Aggregate Functions & Grouping

Background

In the examples below, assume we have a table called users with the following columns:

  • name – the user’s name
  • age – the user’s age
  • city – the city where the user lives
  • signup_date – the date the user signed up
  • email – the user’s email address

COUNT()

  • Returns the number of rows that match a specified condition.
  • COUNT(*) counts all rows, including those with NULLs.

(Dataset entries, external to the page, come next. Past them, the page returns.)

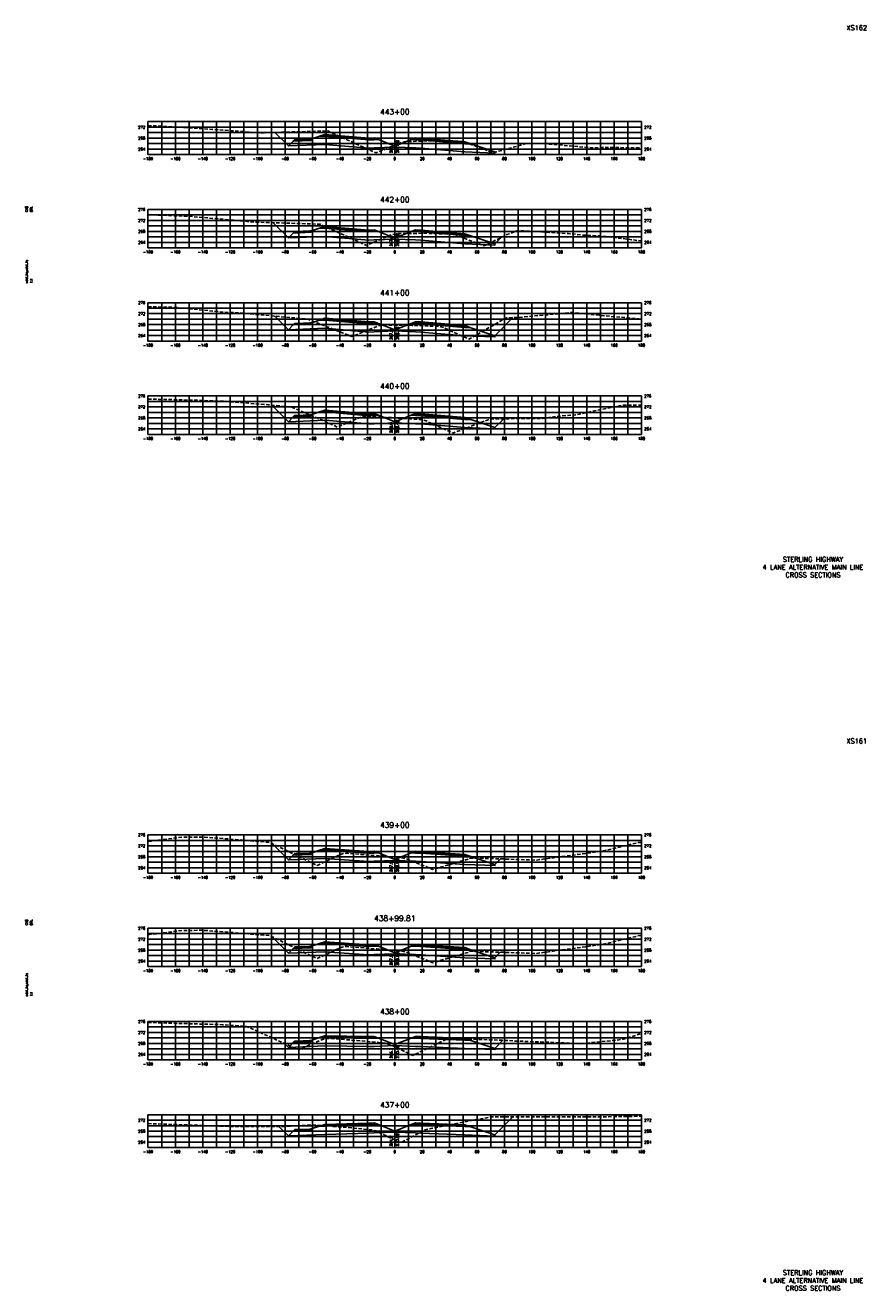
# Model space of a CAD drawing. Extents: x 37 to 9410, y 16 to 8218.
# Tile 67 of 110: x 7337 to 7950, y 16 to 938. Entities that reach past the tile are written whole.
import ezdxf
from ezdxf.enums import TextEntityAlignment as Align

# ---------------------------------------------------------------- set-up
doc = ezdxf.new("R2010")
doc.units = 0
doc.header["$LTSCALE"] = 20
doc.header["$MEASUREMENT"] = 0
doc.linetypes.add('HIDDEN_050%', pattern=[0.1875, 0.125, -0.0625])
for name, color, linetype in [('S-AT-TXT175', 6, 'Continuous'), ('S-AT-TXT80', 1, 'Continuous'), ('XDATUM', 3, 'Continuous'), ('XEG', 1, 'HIDDEN_050%'), ('XFG', 2, 'Continuous'), ('XGRID', 251, 'Continuous'), ('XGRIDT', 2, 'Continuous'), ('XREF-BORDER', 7, 'Continuous')]:
    doc.layers.add(name, color=color, linetype=linetype)
doc.styles.add('L100', font='simplex.shx', dxfattribs={"height": 2})
doc.styles.add('L175', font='ROMANSM.shx', dxfattribs={"height": 3.5})
doc.styles.add('L80', font='ROMANSM.shx', dxfattribs={"height": 1.6})

# ---------------------------------------------------------------- blocks, each defined once
blk = doc.blocks.new('03025_00_att1')
at = {"layer": 'S-AT-TXT175', "style": 'L175'}
for tag, p in [('NUM', (32.402, 20.822)), ('LINE1', (30.64, 1.444)), ('LINE2', (30.64, 1.161)), ('LINE3', (30.64, 0.877))]:
    blk.add_attdef(tag, text='', height=0.175, dxfattribs=at).set_placement(p, align=Align.CENTER)
at = {"layer": 'S-AT-TXT80', "style": 'L80'}
for tag, p in [('DESIGNED', (2.094, 14.201)), ('CHECKED', (2.265, 14.201)), ('DRAFTED', (2.436, 14.201)), ('PCTB', (2.094, 11.605)), ('PSCALE', (2.265, 11.605)), ('PVIEW', (2.436, 11.605))]:
    blk.add_attdef(tag, p, '', height=0.08, rotation=90, dxfattribs=at)

msp = doc.modelspace()

# ---------------------------------------------------------------- linework, layer by layer
at = {"layer": 'XDATUM', "flags": 128}
for points in [[(7518.62, 860.09), (7528.46, 850.24), (7555.05, 851.31), (7587.05, 848.62), (7591.05, 848.78), (7606.05, 849.38), (7621.05, 848.78), (7625.05, 848.62), (7657.05, 845.93), (7679.05, 845.05), (7679.05, 845.94), (7679.22, 845.77)], [(7517.36, 794.34), (7528.46, 783.24), (7555.05, 784.31), (7587.05, 781.62), (7591.05, 781.78), (7606.05, 782.38), (7621.05, 781.78), (7625.05, 781.62), (7657.05, 778.93), (7679.05, 778.05), (7679.05, 778.94), (7683.61, 783.49)], [(7518.49, 726.21), (7528.46, 716.24), (7555.05, 717.31), (7587.05, 714.62), (7591.05, 714.78), (7606.05, 715.38), (7621.05, 714.78), (7625.05, 714.62), (7657.05, 711.93), (7679.05, 711.05), (7679.05, 711.94), (7692.22, 725.1)], [(7516.42, 661.29), (7528.46, 649.24), (7555.05, 650.31), (7587.05, 647.62), (7591.05, 647.78), (7606.05, 648.38), (7621.05, 647.78), (7625.05, 647.62), (7657.05, 644.93), (7679.05, 644.05), (7679.05, 644.94), (7685.5, 651.39)], [(7516.29, 341.88), (7528.46, 329.71), (7555.05, 330.77), (7587.05, 328.62), (7591.05, 328.78), (7606.05, 329.38), (7621.05, 328.78), (7625.05, 328.62), (7657.05, 326.47), (7679.05, 325.59), (7679.05, 326.48), (7683.09, 330.52)], [(7516.32, 273.84), (7528.46, 261.7), (7555.05, 262.77), (7587.05, 260.62), (7591.05, 260.78), (7606.05, 261.38), (7621.05, 260.78), (7625.05, 260.62), (7657.05, 258.48), (7679.05, 257.6), (7679.05, 258.48), (7683.04, 262.48)], [(7525.61, 195.96), (7528.46, 193.11), (7555.05, 194.18), (7587.05, 193.62), (7591.05, 193.78), (7606.05, 194.38), (7621.05, 193.78), (7625.05, 193.62), (7657.05, 192.34), (7679.05, 191.46), (7679.05, 192.35), (7684.93, 198.23)], [(7521.61, 135.37), (7528.46, 128.52), (7555.05, 129.58), (7587.05, 130.62), (7591.05, 130.78), (7606.05, 131.38), (7621.05, 130.78), (7625.05, 130.62), (7657.05, 129.34), (7679.05, 128.46), (7679.05, 129.35), (7692.12, 142.41)]]:
    msp.add_lwpolyline(points, dxfattribs=at)
at = {"layer": 'XEG', "flags": 128}
for points in [[(7426.05, 865.18), (7441.81, 864.28), (7461.18, 863.16), (7461.97, 863.12), (7509.22, 859.73), (7511.99, 859.9), (7557.26, 861.2), (7561.59, 859.06), (7592.29, 845.18), (7603.03, 849.55), (7606.05, 850.84), (7610.88, 852.9), (7612.83, 853.23), (7614.16, 853.43), (7623.54, 853.77), (7635.62, 854.13), (7646, 853.84), (7654.86, 853.54), (7656.33, 853.16), (7657.68, 852.81), (7668.97, 848.65), (7677.56, 845.32), (7695.44, 850.12), (7701.38, 851.96), (7712.07, 852.16), (7749.42, 848.92), (7762.09, 849.12), (7786.05, 848.89)], [(7426.05, 800.16), (7446.63, 799.33), (7455.36, 799.05), (7498.46, 795.21), (7503.49, 794.78), (7550.29, 793.3), (7551.62, 793.2), (7552.91, 792.6), (7568.81, 785.37), (7585.46, 777.79), (7586.42, 778.21), (7596.07, 782.39), (7604.22, 785.74), (7605.58, 785.96), (7606.05, 786.03), (7607.93, 786.32), (7615.75, 786.42), (7628.62, 786.64), (7641.63, 786.16), (7648.48, 785.89), (7650.54, 785.35), (7651.43, 785.15), (7657.83, 782.47), (7665.31, 779.62), (7671.23, 777.36), (7687.85, 785.6), (7696, 788.65), (7732.42, 786.44), (7744.12, 785.17), (7757.62, 784.61), (7786.05, 780.99)], [(7426.05, 732.99), (7426.64, 732.99), (7446.18, 732.58), (7480.47, 729.17), (7494.44, 728.39), (7534.31, 724.78), (7542.7, 723.92), (7548.45, 721.65), (7574.7, 711.3), (7589.31, 717.17), (7594.75, 719.33), (7595.52, 719.42), (7598.43, 719.8), (7603.04, 719.66), (7606.05, 719.62), (7618.77, 719.47), (7635.64, 718.81), (7639.19, 718.65), (7639.57, 718.52), (7641.87, 717.67), (7644.69, 716.38), (7653.49, 712.4), (7660.17, 709.38), (7676.25, 718.59), (7687.48, 724.98), (7695.82, 725.2), (7735.74, 728.89), (7749.66, 727.33), (7784, 724.2), (7786.05, 724.01)], [(7426.05, 665.7), (7433.57, 665.54), (7457.57, 664.99), (7482.02, 664.11), (7513.63, 661.55), (7530.46, 659.96), (7555.25, 649.46), (7564.19, 645.22), (7568.09, 646.89), (7581.79, 652.85), (7582.49, 652.87), (7585.5, 653.2), (7588.88, 652.98), (7605.57, 652.12), (7606.05, 652.09), (7625.17, 650.82), (7626.65, 650.7), (7626.89, 650.62), (7628.92, 649.87), (7630.15, 649.29), (7648.48, 640.94), (7657.52, 644.32), (7675.8, 651.3), (7713.86, 651.66), (7724.24, 653.09), (7737.89, 654.24), (7772.69, 661.37), (7786.05, 661.26)], [(7426.05, 343.23), (7450.82, 346.35), (7466.16, 346.46), (7492.48, 344.43), (7514.84, 342.58), (7548, 326.41), (7549.46, 325.78), (7555.08, 328.39), (7567.59, 334.27), (7570.77, 334.61), (7570.92, 334.61), (7571.74, 334.56), (7591.24, 333.01), (7593.22, 332.85), (7606.05, 331.74), (7611.92, 331.23), (7613.96, 330.69), (7614.47, 330.52), (7630.45, 324.15), (7633.48, 322.71), (7648.68, 327.16), (7659.78, 330.42), (7660.88, 330.93), (7663.36, 331.17), (7709.56, 329.64), (7721.9, 331.31), (7758.24, 336.31), (7784.11, 342.56), (7786.05, 342.51)], [(7426.05, 275.21), (7450.96, 278.35), (7466.13, 278.46), (7492.62, 276.41), (7514.81, 274.58), (7547.71, 258.54), (7549.43, 257.79), (7556.07, 260.87), (7567.56, 266.27), (7570.75, 266.61), (7570.89, 266.61), (7571.64, 266.57), (7591.21, 265.01), (7593.12, 264.85), (7606.05, 263.74), (7611.9, 263.23), (7613.94, 262.68), (7614.43, 262.52), (7630.48, 256.13), (7633.45, 254.71), (7649.81, 259.51), (7659.85, 262.46), (7660.85, 262.92), (7663.09, 263.13), (7709.53, 261.6), (7721.64, 263.24), (7758.21, 268.28), (7784.24, 274.56), (7786.05, 274.52)], [(7426.05, 211.35), (7438.66, 210.89), (7449.31, 210.55), (7480.32, 209.63), (7497.99, 208.37), (7529.81, 194.07), (7536.17, 191.43), (7549.16, 197.14), (7551.25, 198.05), (7553.87, 199.06), (7554.36, 199.1), (7558.64, 199.64), (7574.34, 198.43), (7578.35, 198.1), (7594.46, 196.61), (7599.17, 196.2), (7601.33, 195.49), (7602.24, 195.23), (7606.05, 193.44), (7614.84, 189.31), (7619.16, 187.25), (7639.15, 196.83), (7644.03, 199.17), (7664.32, 199.02), (7688.61, 198.09), (7692.71, 197.77), (7730.27, 196.36), (7741.39, 195.69), (7771.93, 198.84), (7786.05, 203.25)], [(7426.05, 137.6), (7429.04, 137.4), (7472.9, 135.9), (7486.37, 135.43), (7493.97, 135.38), (7523.08, 135.36), (7530.31, 135.61), (7542.91, 136.34), (7548.45, 136.47), (7553.39, 136.1), (7568.78, 134.92), (7581.73, 133.62), (7589.46, 132.92), (7591.01, 132.59), (7592.32, 132.16), (7603.96, 126.59), (7606.05, 125.64), (7610.52, 123.59), (7623.02, 130.31), (7627.17, 132.82), (7634.79, 134.5), (7675.85, 142.35), (7679.97, 142.36), (7724.54, 142.56), (7759.77, 142.56), (7773.22, 142.68), (7786.05, 142.89)]]:
    msp.add_lwpolyline(points, dxfattribs=at)
at = {"layer": 'XFG', "flags": 128}
for points in [[(7528.46, 850.24), (7528.46, 850.24), (7518.62, 860.09)], [(7591.05, 855.12), (7587.05, 854.96), (7555.05, 857.65), (7555.05, 858.65), (7550.48, 857.13), (7555.05, 857.31), (7587.05, 854.62), (7591.05, 854.78), (7594.1, 854.9), (7591.05, 856.12), (7591.05, 855.12)], [(7591.05, 856.12), (7587.05, 855.96), (7555.05, 858.65), (7555.05, 858.31), (7587.05, 855.62), (7591.05, 855.78), (7591.05, 856.12)], [(7591.05, 855.78), (7587.05, 855.62), (7555.05, 858.31), (7555.05, 857.65), (7587.05, 854.96), (7591.05, 855.12), (7591.05, 855.78)], [(7606.05, 850.12), (7594.1, 854.9), (7591.05, 854.78), (7587.05, 854.62), (7555.05, 857.31), (7550.48, 857.13), (7545.05, 855.31), (7545.05, 854.31), (7532.01, 853.79), (7528.46, 850.24), (7555.05, 851.31), (7587.05, 848.62), (7591.05, 848.78), (7606.05, 849.38), (7606.05, 850.12)], [(7545.05, 855.31), (7544.05, 855.27), (7544.05, 854.93), (7534.05, 854.53), (7534.05, 854.87), (7533.05, 854.83), (7532.01, 853.79), (7545.05, 854.31), (7545.05, 855.31)], [(7544.05, 855.27), (7534.05, 854.87), (7534.05, 854.53), (7544.05, 854.93), (7544.05, 855.27)], [(7606.05, 850.12), (7618, 854.9), (7621.05, 854.78), (7625.05, 854.62), (7657.05, 851.93), (7661.62, 851.75), (7679.05, 845.94), (7679.05, 845.05), (7657.05, 845.93), (7625.05, 848.62), (7621.05, 848.78), (7606.05, 849.38)], [(7621.05, 856.12), (7618, 854.9), (7621.05, 854.78), (7625.05, 854.62), (7657.05, 851.93), (7661.62, 851.75), (7657.05, 853.27), (7657.05, 852.27), (7625.05, 854.96), (7621.05, 855.12), (7621.05, 856.12)], [(7621.05, 856.12), (7621.05, 855.78), (7625.05, 855.62), (7657.05, 852.93), (7657.05, 853.27), (7625.05, 855.96), (7621.05, 856.12)], [(7621.05, 855.78), (7621.05, 855.12), (7625.05, 854.96), (7657.05, 852.27), (7657.05, 852.93), (7625.05, 855.62), (7621.05, 855.78)], [(7679.05, 845.94), (7679.05, 845.94), (7679.22, 845.77)], [(7528.46, 783.24), (7528.46, 783.24), (7517.36, 794.34)], [(7606.05, 783.12), (7594.1, 787.9), (7591.05, 787.78), (7587.05, 787.62), (7555.05, 790.31), (7550.48, 790.13), (7545.05, 788.31), (7545.05, 787.31), (7532.01, 786.79), (7528.46, 783.24), (7555.05, 784.31), (7587.05, 781.62), (7591.05, 781.78), (7606.05, 782.38), (7606.05, 783.12)], [(7545.05, 788.31), (7544.05, 788.27), (7544.05, 787.93), (7534.05, 787.53), (7534.05, 787.87), (7533.05, 787.83), (7532.01, 786.79), (7545.05, 787.31), (7545.05, 788.31)], [(7544.05, 788.27), (7534.05, 787.87), (7534.05, 787.53), (7544.05, 787.93), (7544.05, 788.27)], [(7591.05, 788.12), (7587.05, 787.96), (7555.05, 790.65), (7555.05, 791.65), (7550.48, 790.13), (7555.05, 790.31), (7587.05, 787.62), (7591.05, 787.78), (7594.1, 787.9), (7591.05, 789.12), (7591.05, 788.12)], [(7591.05, 789.12), (7587.05, 788.96), (7555.05, 791.65), (7555.05, 791.31), (7587.05, 788.62), (7591.05, 788.78), (7591.05, 789.12)], [(7591.05, 788.78), (7587.05, 788.62), (7555.05, 791.31), (7555.05, 790.65), (7587.05, 787.96), (7591.05, 788.12), (7591.05, 788.78)], [(7606.05, 783.12), (7618, 787.9), (7621.05, 787.78), (7625.05, 787.62), (7657.05, 784.93), (7661.62, 784.75), (7679.05, 778.94), (7679.05, 778.05), (7657.05, 778.93), (7625.05, 781.62), (7621.05, 781.78), (7606.05, 782.38)], [(7621.05, 789.12), (7618, 787.9), (7621.05, 787.78), (7625.05, 787.62), (7657.05, 784.93), (7661.62, 784.75), (7657.05, 786.27), (7657.05, 785.27), (7625.05, 787.96), (7621.05, 788.12), (7621.05, 789.12)], [(7621.05, 789.12), (7621.05, 788.78), (7625.05, 788.62), (7657.05, 785.93), (7657.05, 786.27), (7625.05, 788.96), (7621.05, 789.12)], [(7621.05, 788.78), (7621.05, 788.12), (7625.05, 787.96), (7657.05, 785.27), (7657.05, 785.93), (7625.05, 788.62), (7621.05, 788.78)], [(7679.05, 778.94), (7679.05, 778.94), (7683.61, 783.49)], [(7528.46, 716.24), (7528.46, 716.24), (7518.49, 726.21)], [(7606.05, 716.12), (7594.1, 720.9), (7591.05, 720.78), (7587.05, 720.62), (7555.05, 723.31), (7550.48, 723.13), (7545.05, 721.31), (7545.05, 720.31), (7532.01, 719.79), (7528.46, 716.24), (7555.05, 717.31), (7587.05, 714.62), (7591.05, 714.78), (7606.05, 715.38), (7606.05, 716.12)], [(7545.05, 721.31), (7544.05, 721.27), (7544.05, 720.93), (7534.05, 720.53), (7534.05, 720.87), (7533.05, 720.83), (7532.01, 719.79), (7545.05, 720.31), (7545.05, 721.31)], [(7544.05, 721.27), (7534.05, 720.87), (7534.05, 720.53), (7544.05, 720.93), (7544.05, 721.27)], [(7591.05, 721.12), (7587.05, 720.96), (7555.05, 723.65), (7555.05, 724.65), (7550.48, 723.13), (7555.05, 723.31), (7587.05, 720.62), (7591.05, 720.78), (7594.1, 720.9), (7591.05, 722.12), (7591.05, 721.12)], [(7591.05, 722.12), (7587.05, 721.96), (7555.05, 724.65), (7555.05, 724.31), (7587.05, 721.62), (7591.05, 721.78), (7591.05, 722.12)], [(7591.05, 721.78), (7587.05, 721.62), (7555.05, 724.31), (7555.05, 723.65), (7587.05, 720.96), (7591.05, 721.12), (7591.05, 721.78)], [(7606.05, 716.12), (7618, 720.9), (7621.05, 720.78), (7625.05, 720.62), (7657.05, 717.93), (7661.62, 717.75), (7679.05, 711.94), (7679.05, 711.05), (7657.05, 711.93), (7625.05, 714.62), (7621.05, 714.78), (7606.05, 715.38)], [(7621.05, 722.12), (7618, 720.9), (7621.05, 720.78), (7625.05, 720.62), (7657.05, 717.93), (7661.62, 717.75), (7657.05, 719.27), (7657.05, 718.27), (7625.05, 720.96), (7621.05, 721.12), (7621.05, 722.12)], [(7621.05, 722.12), (7621.05, 721.78), (7625.05, 721.62), (7657.05, 718.93), (7657.05, 719.27), (7625.05, 721.96), (7621.05, 722.12)], [(7621.05, 721.78), (7621.05, 721.12), (7625.05, 720.96), (7657.05, 718.27), (7657.05, 718.93), (7625.05, 721.62), (7621.05, 721.78)], [(7679.05, 711.94), (7679.05, 711.94), (7692.22, 725.1)], [(7528.46, 649.24), (7528.46, 649.24), (7516.42, 661.29)], [(7606.05, 649.12), (7594.1, 653.9), (7591.05, 653.78), (7587.05, 653.62), (7555.05, 656.31), (7550.48, 656.13), (7545.05, 654.31), (7545.05, 653.31), (7532.01, 652.79), (7528.46, 649.24), (7555.05, 650.31), (7587.05, 647.62), (7591.05, 647.78), (7606.05, 648.38), (7606.05, 649.12)], [(7591.05, 654.12), (7587.05, 653.96), (7555.05, 656.65), (7555.05, 657.65), (7550.48, 656.13), (7555.05, 656.31), (7587.05, 653.62), (7591.05, 653.78), (7594.1, 653.9), (7591.05, 655.12), (7591.05, 654.12)], [(7591.05, 655.12), (7587.05, 654.96), (7555.05, 657.65), (7555.05, 657.31), (7587.05, 654.62), (7591.05, 654.78), (7591.05, 655.12)], [(7591.05, 654.78), (7587.05, 654.62), (7555.05, 657.31), (7555.05, 656.65), (7587.05, 653.96), (7591.05, 654.12), (7591.05, 654.78)], [(7621.05, 655.12), (7618, 653.9), (7621.05, 653.78), (7625.05, 653.62), (7657.05, 650.93), (7661.62, 650.75), (7657.05, 652.27), (7657.05, 651.27), (7625.05, 653.96), (7621.05, 654.12), (7621.05, 655.12)], [(7621.05, 655.12), (7621.05, 654.78), (7625.05, 654.62), (7657.05, 651.93), (7657.05, 652.27), (7625.05, 654.96), (7621.05, 655.12)], [(7545.05, 654.31), (7544.05, 654.27), (7544.05, 653.93), (7534.05, 653.53), (7534.05, 653.87), (7533.05, 653.83), (7532.01, 652.79), (7545.05, 653.31), (7545.05, 654.31)], [(7544.05, 654.27), (7534.05, 653.87), (7534.05, 653.53), (7544.05, 653.93), (7544.05, 654.27)], [(7606.05, 649.12), (7618, 653.9), (7621.05, 653.78), (7625.05, 653.62), (7657.05, 650.93), (7661.62, 650.75), (7679.05, 644.94), (7679.05, 644.05), (7657.05, 644.93), (7625.05, 647.62), (7621.05, 647.78), (7606.05, 648.38)], [(7621.05, 654.78), (7621.05, 654.12), (7625.05, 653.96), (7657.05, 651.27), (7657.05, 651.93), (7625.05, 654.62), (7621.05, 654.78)], [(7679.05, 644.94), (7679.05, 644.94), (7685.5, 651.39)], [(7528.46, 329.71), (7528.46, 329.71), (7516.29, 341.88)], [(7606.05, 330.12), (7594.1, 334.9), (7591.05, 334.78), (7587.05, 334.62), (7555.05, 336.77), (7550.48, 336.59), (7545.05, 334.78), (7545.05, 333.78), (7532.01, 333.25), (7528.46, 329.71), (7555.05, 330.77), (7587.05, 328.62), (7591.05, 328.78), (7606.05, 329.38), (7606.05, 330.12)], [(7545.05, 334.78), (7544.05, 334.74), (7544.05, 334.4), (7534.05, 334), (7534.05, 334.34), (7533.05, 334.3), (7532.01, 333.25), (7545.05, 333.78), (7545.05, 334.78)], [(7544.05, 334.74), (7534.05, 334.34), (7534.05, 334), (7544.05, 334.4), (7544.05, 334.74)], [(7591.05, 335.12), (7587.05, 334.96), (7555.05, 337.11), (7555.05, 338.11), (7550.48, 336.59), (7555.05, 336.77), (7587.05, 334.62), (7591.05, 334.78), (7594.1, 334.9), (7591.05, 336.12), (7591.05, 335.12)], [(7591.05, 336.12), (7587.05, 335.96), (7555.05, 338.11), (7555.05, 337.77), (7587.05, 335.62), (7591.05, 335.78), (7591.05, 336.12)], [(7591.05, 335.78), (7587.05, 335.62), (7555.05, 337.77), (7555.05, 337.11), (7587.05, 334.96), (7591.05, 335.12), (7591.05, 335.78)], [(7606.05, 330.12), (7618, 334.9), (7621.05, 334.78), (7625.05, 334.62), (7657.05, 332.47), (7661.62, 332.29), (7679.05, 326.48), (7679.05, 325.59), (7657.05, 326.47), (7625.05, 328.62), (7621.05, 328.78), (7606.05, 329.38)], [(7621.05, 336.12), (7618, 334.9), (7621.05, 334.78), (7625.05, 334.62), (7657.05, 332.47), (7661.62, 332.29), (7657.05, 333.81), (7657.05, 332.81), (7625.05, 334.96), (7621.05, 335.12), (7621.05, 336.12)], [(7621.05, 336.12), (7621.05, 335.78), (7625.05, 335.62), (7657.05, 333.47), (7657.05, 333.81), (7625.05, 335.96), (7621.05, 336.12)], [(7621.05, 335.78), (7621.05, 335.12), (7625.05, 334.96), (7657.05, 332.81), (7657.05, 333.47), (7625.05, 335.62), (7621.05, 335.78)], [(7679.05, 326.48), (7679.05, 326.48), (7683.09, 330.52)], [(7528.46, 261.7), (7528.46, 261.7), (7516.32, 273.84)], [(7606.05, 262.12), (7594.1, 266.9), (7591.05, 266.78), (7587.05, 266.62), (7555.05, 268.77), (7550.48, 268.59), (7545.05, 266.77), (7545.05, 265.77), (7532.01, 265.25), (7528.46, 261.7), (7555.05, 262.77), (7587.05, 260.62), (7591.05, 260.78), (7606.05, 261.38), (7606.05, 262.12)], [(7591.05, 267.12), (7587.05, 266.96), (7555.05, 269.11), (7555.05, 270.11), (7550.48, 268.59), (7555.05, 268.77), (7587.05, 266.62), (7591.05, 266.78), (7594.1, 266.9), (7591.05, 268.12), (7591.05, 267.12)], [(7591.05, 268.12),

So does COUNT(1).
  • COUNT(column_name) only counts non-null values.
SELECT COUNT(*) FROM users
SELECT COUNT(city) FROM users

SUM()

  • Adds all the non-null values in a numeric column. Treat null values as 0.
SELECT SUM(age) FROM users

MIN() / MAX()

  • Finds the smallest or largest value in a column.
SELECT MIN(age), MAX(age) FROM users

AVG()

  • Calculates the average of non-null numeric values in a column.
SELECT AVG(age) FROM users

GROUP BY

  • Groups rows that share the same value in a column so aggregate functions can be applied to each group.
SELECT city, COUNT(*) FROM users 
GROUP BY city

This returns a table like the following:

city count
New York 10
Boston 7
San Diego 5

HAVING

  • Filters grouped records (unlike WHERE, which filters rows before aggregating).
SELECT city, COUNT(*) 
FROM users 
GROUP BY city 
HAVING COUNT(*) > 5

This returns a table like the following:

city count
New York 10
Boston 7

DISTINCT

To view unique values

Examples

  1. Get all the unique cities users come from:
    SELECT DISTINCT city FROM users
    
    city
    New York
    Boston
    San Diego
    Seattle
  2. Get unique (city, age) pairs:
    SELECT DISTINCT city, age FROM users
    
    city age
    New York 25
    Boston 30
    San Diego 25
    New York 30
    Seattle 40
    • This shows the unique pairs of city and age — meaning the same city can appear more than once, but only if it’s paired with a different age.

Using DISTINCT in aggregations

SELECT COUNT(DISTINCT city) AS unique_cities
FROM users
unique_cities
4
  • DISTINCT goes inside the aggregate function rather than at the beginning of the SELECT clause.

Query Clause Order

The order in which we write SQL clauses matters. Here’s the standard order for everything we’ve learned so far:

  1. SELECT
  2. FROM
  3. WHERE
  4. GROUP BY
  5. HAVING
  6. ORDER BY

Reference

These notes are based on the Mode Intermediate SQL Tutorial. I’ve written them to help myself quickly recall aggregation and grouping tools in SQL.